De beweging vond onder andere inspiratie in de literatuur van Antonin Artaud (1896-1948). Artaud was een Frans acteur en (toneel)schrijver, maar is vandaag de dag vooral bekend door zijn ideeën over theater. In zijn bundel Le théâtre et son double (vertaald als Het theater en de wreedheid) laat Artaud in enkele essays zijn gedachtes voor een nieuw soort theater de vrije loop. Uitgangspunt van de door Artaud zo vurig gewenste revolutie in de theaterwereld was zijn afkeer van de Westerse theatertraditie: ‘als wij allen het theater als een minderwaardige kunst zijn gaan beschouwen, als een middel tot vulgaire ontspanning, en het als een uitlaat voor onze slechte instincten gebruiken, dan is dat omdat men ons te vaak heeft gezegd dat het theater was, dat wil zeggen leugen en illusie, dan is dat omdat men ons sinds vierhonderd jaar, sinds de Renaissance, gewend heeft aan een zuiver beschrijvend en verhalend theater, dat psychologie verhaalt.’ In deze traditie staat het woord en dus de auteur in feite centraal en volgens Artaud schuilde hier nu juist het kwaad in. De Westerse wereld heeft een te groot respect voor alles wat geschreven, geformuleerd of geschilderd is, dus wat vorm gevonden heeft, en denkt dat hiermee het einde van de uitdrukkingsmogelijkheden bereikt is. Een ander kenmerk van het Westerse theater dat Artaud hekelde was het naturalisme. Alle pogingen om in het theater de werkelijkheid met woorden na te bootsen zijn gedoemd te mislukken. Het theater is dan ook verworden tot een amusant avondje uit voor de bourgeoisie, terwijl Artaud het publiek juist in shock de zaal wil laten verlaten. Om die reden: ‘Ik stel dus een theater voor waarin fysieke en gewelddadige beelden de gevoeligheid van de toeschouwer, die door het theater wordt opgenomen als in een draaikol van buitengewone krachten, verbrijzelen en hypnotiseren.’ Het is belangrijk te constateren dat Artauds theater geen kunst om de kunst was, maar juist een sterk moraliserende lading had. Het nieuwe theater moest een antwoord op het vrijblijvende en hedonistische theater van zijn tijd zijn. Artaud stond uiteindelijk een samengaan van leven en kunst voor, dus een totaalkunstwerk. Theater met al haar fysieke mogelijkheden leek de kunstvorm bij uitstek voor Artaud, toch bleef hij tot 1926 twijfelen tussen film en theater. Bij gebrek aan kansen om in de filmwereld actief te zijn, richtte Artaud zich uiteindelijk volledig op het theater.
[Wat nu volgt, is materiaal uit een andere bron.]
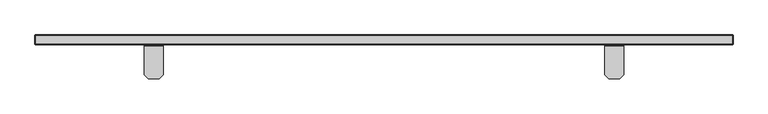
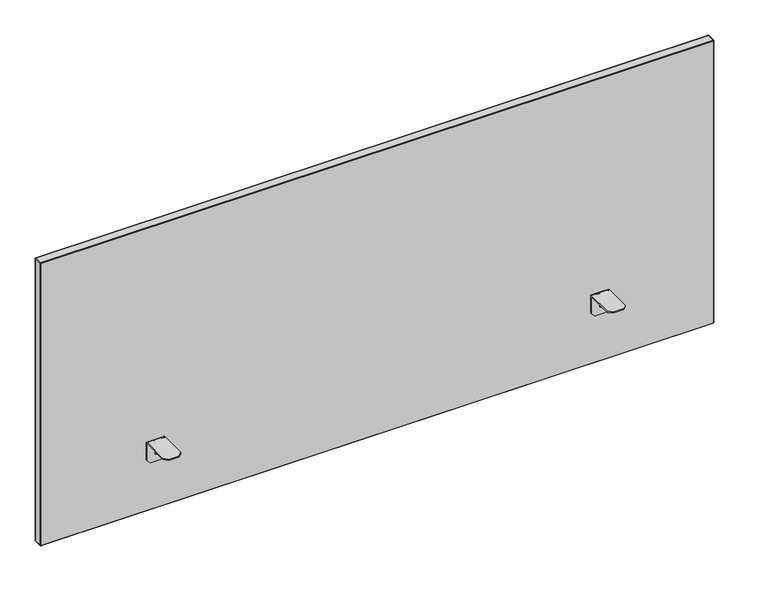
"""IFC4 building model written with IfcOpenShell, lengths in millimetres: furniture geometry, FREZZA_POP AD_Screen-for desk_Fabric : W1800 mm Structure_ZGBI - Embossed White & Finishing_D-King flex_XFGC."""

from ifc_helpers import new_model, si_unit, frame, origin, place, context, project, spatial, polyline, circle_curve, ellipse_curve, source, transform, mapped, element, save
from ifc_brep_helpers import plane_surface, cylinder_surface, revolved_surface, advanced_brep


def furniture_b54c54c6(model_context):
    return source(origin(), model_context, "Body", "AdvancedBrep", [
        advanced_brep(
        [(1557.5, -8.0540949, 725.0), (1557.5, -81.55, 725.0), (1557.5, -81.55, 722.0), (1557.5, -8.0035457, 722.0), (1557.5, -6.55, 720.5464543), (1557.5, -6.55, 673.0), (1557.5, -3.55, 673.0), (1557.5, -3.55, 720.4959051), (1509.5, -8.0035457, 722.0), (1509.5, -81.55, 722.0), (1509.5, -81.55, 725.0), (1509.5, -8.0540949, 725.0), (1509.5, -3.55, 720.4959051), (1509.5, -3.55, 673.0), (1509.5, -6.55, 673.0), (1509.5, -6.55, 720.5464543), (1519.5, -91.55, 725.0), (1547.5, -91.55, 725.0), (1547.5, -3.55, 663.0), (1519.5, -3.55, 663.0), (1547.5, -6.55, 663.0), (1519.5, -6.55, 663.0), (1535.0, -6.55, 720.5464543), (1535.0, -6.55, 682.0), (1532.0, -6.55, 682.0), (1532.0, -6.55, 720.5464543), (1532.0, -8.0035457, 722.0), (1535.0, -8.0035457, 722.0), (1547.5, -91.55, 722.0), (1519.5, -91.55, 722.0), (1532.0, -69.55, 722.0), (1535.0, -69.55, 722.0)],
        [
            (0, 1),
            (1, 2),
            (2, 3),
            (3, 4, circle_curve(frame((1557.5, -8.0035457, 720.5464543), z_axis=(-1.0, 0.0, 0.0), x_axis=(0.0, -1.0, 0.0)), 1.4535457)),
            (4, 5),
            (5, 6),
            (6, 7),
            (7, 0, circle_curve(frame((1557.5, -8.0540949, 720.4959051), z_axis=(1.0, 0.0, 0.0), x_axis=(0.0, -1.0, 0.0)), 4.5040949)),
            (8, 9),
            (9, 10),
            (10, 11),
            (11, 12, circle_curve(frame((1509.5, -8.0540949, 720.4959051), z_axis=(-1.0, 0.0, 0.0), x_axis=(0.0, -1.0, 0.0)), 4.5040949)),
            (12, 13),
            (13, 14),
            (14, 15),
            (15, 8, circle_curve(frame((1509.5, -8.0035457, 720.5464543), z_axis=(1.0, 0.0, 0.0), x_axis=(0.0, -1.0, 0.0)), 1.4535457)),
            (10, 16),
            (16, 17),
            (17, 1),
            (0, 11),
            (7, 12),
            (6, 18),
            (18, 19),
            (19, 13),
            (18, 20),
            (20, 21),
            (21, 19),
            (4, 22),
            (22, 23),
            (23, 24),
            (24, 25),
            (25, 15),
            (14, 21),
            (20, 5),
            (25, 26, circle_curve(frame((1532.0, -8.0035457, 720.5464543), z_axis=(1.0, 0.0, 0.0), x_axis=(0.0, -1.0, 0.0)), 1.4535457)),
            (26, 8),
            (3, 27),
            (27, 22, circle_curve(frame((1535.0, -8.0035457, 720.5464543), z_axis=(-1.0, 0.0, 0.0), x_axis=(0.0, -1.0, 0.0)), 1.4535457)),
            (2, 28),
            (28, 29),
            (29, 9),
            (26, 30),
            (30, 31),
            (31, 27),
            (16, 29),
            (28, 17),
            (31, 23),
            (24, 30),
        ],
        [
            plane_surface(frame((1557.5, 1478.3708958, 725.0), z_axis=(1.0, 0.0, 0.0), x_axis=(0.0, 1.0, 0.0))),
            plane_surface(frame((1509.5, 1478.3708958, 725.0), z_axis=(-1.0, 0.0, 0.0), x_axis=(0.0, -1.0, 0.0))),
            plane_surface(frame((1557.5, -91.55, 725.0), z_axis=(0.0, 0.0, 1.0), x_axis=(-1.0, 0.0, 0.0))),
            cylinder_surface(frame((1509.5, -8.0540949, 720.4959051), z_axis=(1.0, 0.0, 0.0), x_axis=(0.0, -1.0, 0.0)), 4.5040949),
            plane_surface(frame((1557.5, -3.55, 720.4959051), z_axis=(0.0, 1.0, 0.0), x_axis=(-1.0, 0.0, 0.0))),
            plane_surface(frame((1557.5, -3.55, 663.0), z_axis=(0.0, 0.0, -1.0), x_axis=(-1.0, 0.0, 0.0))),
            plane_surface(frame((1557.5, -6.55, 663.0), z_axis=(0.0, -1.0, 0.0), x_axis=(-1.0, 0.0, 0.0))),
            revolved_surface(polyline([(1509.5, -9.4570914, 720.5464543), (1532.0, -9.4570914, 720.5464543)]), (1509.5, -8.0035457, 720.5464543), (-1.0, 0.0, 0.0)),
            revolved_surface(polyline([(1535.0, -9.4570914, 720.5464543), (1557.5, -9.4570914, 720.5464543)]), (1509.5, -8.0035457, 720.5464543), (-1.0, 0.0, 0.0)),
            plane_surface(frame((1557.5, -8.0035457, 722.0), z_axis=(0.0, 0.0, -1.0), x_axis=(-1.0, 0.0, 0.0))),
            plane_surface(frame((1557.5, -91.55, 722.0), z_axis=(0.0, -1.0, 0.0), x_axis=(-1.0, 0.0, 0.0))),
            plane_surface(frame((1557.5, -3.55, 673.0), z_axis=(0.7071067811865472, 0.0, -0.7071067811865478), x_axis=(0.0, -1.0, 0.0))),
            plane_surface(frame((1519.5, -3.55, 663.0), z_axis=(-0.7071067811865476, 0.0, -0.7071067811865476), x_axis=(0.0, -1.0, 0.0))),
            plane_surface(frame((1547.5, -91.55, 725.0), z_axis=(0.7071067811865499, -0.7071067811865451, 0.0), x_axis=(0.0, 0.0, -1.0))),
            plane_surface(frame((1509.5, -81.55, 725.0), z_axis=(-0.7071067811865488, -0.7071067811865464, 0.0), x_axis=(0.0, 0.0, -1.0))),
            plane_surface(frame((1535.0, -69.55, 722.0), z_axis=(1.0000000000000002, 0.0, 0.0), x_axis=(0.0, -0.8442128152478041, 0.5360081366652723))),
            plane_surface(frame((1532.0, -69.55, 722.0), z_axis=(-1.0000000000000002, 0.0, 0.0), x_axis=(0.0, 0.8442128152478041, -0.5360081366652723))),
            plane_surface(frame((1535.0, -6.55, 682.0), z_axis=(0.0, -0.5360081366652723, -0.8442128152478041), x_axis=(-1.0, 0.0, 0.0))),
        ],
        [
            (0, [[1, 2, 3, 4, 5, 6, 7, 8]]),
            (1, [[9, 10, 11, 12, 13, 14, 15, 16]]),
            (2, [[-11, 17, 18, 19, -1, 20]]),
            (3, [[21, -12, -20, -8]]),
            (4, [[-7, 22, 23, 24, -13, -21]]),
            (5, [[25, 26, 27, -23]]),
            (6, [[28, 29, 30, 31, 32, -15, 33, -26, 34, -5]]),
            (7, [[-32, 35, 36, -16]]),
            (8, [[37, 38, -28, -4]]),
            (9, [[39, 40, 41, -9, -36, 42, 43, 44, -37, -3]]),
            (10, [[45, -40, 46, -18]]),
            (11, [[-34, -25, -22, -6]]),
            (12, [[-24, -27, -33, -14]]),
            (13, [[-19, -46, -39, -2]]),
            (14, [[-41, -45, -17, -10]]),
            (15, [[-29, -38, -44, 47]]),
            (16, [[-42, -35, -31, 48]]),
            (17, [[-43, -48, -30, -47]]),
        ],
    ),
        advanced_brep(
        [(322.5, -8.0540949, 725.0), (322.5, -3.55, 720.4959051), (322.5, -3.55, 673.0), (322.5, -6.55, 673.0), (322.5, -6.55, 720.5464543), (322.5, -8.0035457, 722.0), (322.5, -81.55, 722.0), (322.5, -81.55, 725.0), (370.5, -8.0035457, 722.0), (370.5, -6.55, 720.5464543), (370.5, -6.55, 673.0), (370.5, -3.55, 673.0), (370.5, -3.55, 720.4959051), (370.5, -8.0540949, 725.0), (370.5, -81.55, 725.0), (370.5, -81.55, 722.0), (332.5, -91.55, 725.0), (360.5, -91.55, 725.0), (360.5, -3.55, 663.0), (332.5, -3.55, 663.0), (360.5, -6.55, 663.0), (332.5, -6.55, 663.0), (348.0, -6.55, 720.5464543), (348.0, -6.55, 682.0), (345.0, -6.55, 682.0), (345.0, -6.55, 720.5464543), (345.0, -8.0035457, 722.0), (348.0, -8.0035457, 722.0), (345.0, -69.55, 722.0), (348.0, -69.55, 722.0), (360.5, -91.55, 722.0), (332.5, -91.55, 722.0)],
        [
            (0, 1, circle_curve(frame((322.5, -8.0540949, 720.4959051), z_axis=(-1.0, 0.0, 0.0), x_axis=(0.0, -1.0, 0.0)), 4.5040949)),
            (1, 2),
            (2, 3),
            (3, 4),
            (4, 5, circle_curve(frame((322.5, -8.0035457, 720.5464543), z_axis=(1.0, 0.0, 0.0), x_axis=(0.0, -1.0, 0.0)), 1.4535457)),
            (5, 6),
            (6, 7),
            (7, 0),
            (8, 9, circle_curve(frame((370.5, -8.0035457, 720.5464543), z_axis=(-1.0, 0.0, 0.0), x_axis=(0.0, -1.0, 0.0)), 1.4535457)),
            (9, 10),
            (10, 11),
            (11, 12),
            (12, 13, circle_curve(frame((370.5, -8.0540949, 720.4959051), z_axis=(1.0, 0.0, 0.0), x_axis=(0.0, -1.0, 0.0)), 4.5040949)),
            (13, 14),
            (14, 15),
            (15, 8),
            (13, 0),
            (7, 16),
            (16, 17),
            (17, 14),
            (12, 1),
            (11, 18),
            (18, 19),
            (19, 2),
            (18, 20),
            (20, 21),
            (21, 19),
            (3, 21),
            (20, 10),
            (9, 22),
            (22, 23),
            (23, 24),
            (24, 25),
            (25, 4),
            (25, 26, circle_curve(frame((345.0, -8.0035457, 720.5464543), z_axis=(1.0, 0.0, 0.0), x_axis=(0.0, -1.0, 0.0)), 1.4535457)),
            (26, 5),
            (8, 27),
            (27, 22, circle_curve(frame((348.0, -8.0035457, 720.5464543), z_axis=(-1.0, 0.0, 0.0), x_axis=(0.0, -1.0, 0.0)), 1.4535457)),
            (26, 28),
            (28, 29),
            (29, 27),
            (15, 30),
            (30, 31),
            (31, 6),
            (16, 31),
            (30, 17),
            (24, 28),
            (29, 23),
        ],
        [
            plane_surface(frame((322.5, 1478.3708958, 725.0), z_axis=(-1.0, 0.0, 0.0), x_axis=(0.0, 1.0, 0.0))),
            plane_surface(frame((370.5, 1478.3708958, 725.0), z_axis=(1.0, 0.0, 0.0), x_axis=(0.0, -1.0, 0.0))),
            plane_surface(frame((322.5, -91.55, 725.0), z_axis=(0.0, 0.0, 1.0), x_axis=(1.0, 0.0, 0.0))),
            cylinder_surface(frame((370.5, -8.0540949, 720.4959051), z_axis=(-1.0, 0.0, 0.0), x_axis=(0.0, -1.0, 0.0)), 4.5040949),
            plane_surface(frame((322.5, -3.55, 720.4959051), z_axis=(0.0, 1.0, 0.0), x_axis=(1.0, 0.0, 0.0))),
            plane_surface(frame((322.5, -3.55, 663.0), z_axis=(0.0, 0.0, -1.0), x_axis=(1.0, 0.0, 0.0))),
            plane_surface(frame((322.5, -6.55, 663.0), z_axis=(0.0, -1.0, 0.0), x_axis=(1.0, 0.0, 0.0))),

Hoe dacht Artaud zijn ideaal te kunnen bereiken? Hij noemde zijn nieuwe theater ‘het theater van de wreedheid’. In twee manifesten met dezelfde titel (uit 1933 en 1936) geeft Artaud een overzicht van hoe bepaalde elementen uit het theater, zoals het podium, de plaats van het publiek, de acteurs, maar vooral de ‘taal’, omgevormd of vervangen zullen moeten worden. Kerngedachte van het theater van de wreedheid was dat het theater dichter bij de emoties gebracht moest worden, dat het weer moest ‘raken’. Belangrijkste middel om dit te kunnen bereiken was een nieuwe taal. Eerder is al Artauds afschuw van het herhaalde woord genoemd. Artaud keerde zich weliswaar niet tegen het gebruik van woorden, maar het primaat komt bij het gebaar te liggen.
Zo schrijft Artaud in het eerste manifest: ‘That is, instead of harking back to texts regarded as sacred and definitive, we must first break theatre’s subjugation to the texts and rediscover the idea of a kind of unique language somewhere in between gesture and thought.’ De grote waarde van een nieuwe taal zit volgens Artaud in de eenmaligheid ten opzichte van de voortdurende herhaling van geschreven woorden. In het theater van de wreedheid gebeurt alles maar één keer, elk gebaar kan maar één keer gemaakt worden. Ook de acteurs onderwierp Artaud aan een kritische analyse. De nieuwe acteurs moesten veel meer op het fysieke gericht zijn. Ze gebruikten niet slechts hun spraak of verstand, maar hun totale lichaam. Artaud maakte hierbij graag de vergelijking met atleten. Over hoe deze nieuwe acteurs getraind zouden moeten worden, is Artaud dan weer vrij vaag. Daarnaast moest het traditionele podium eraan geloven. Om het publiek meer bij de voorstelling te betrekken heeft het oude podium (dat een afstand creëert) afgedaan. De scheiding tussen podium en publiek moet opgeheven worden: ‘replacing them by a kind of single, undivided locale without any partitions of any kind and this will become the very scene of the action. Direct contact will be established between the audience and the show, between actors and audience, from the very fact that the audience is seated in the centre of the action, is encircled and furrowed by it.’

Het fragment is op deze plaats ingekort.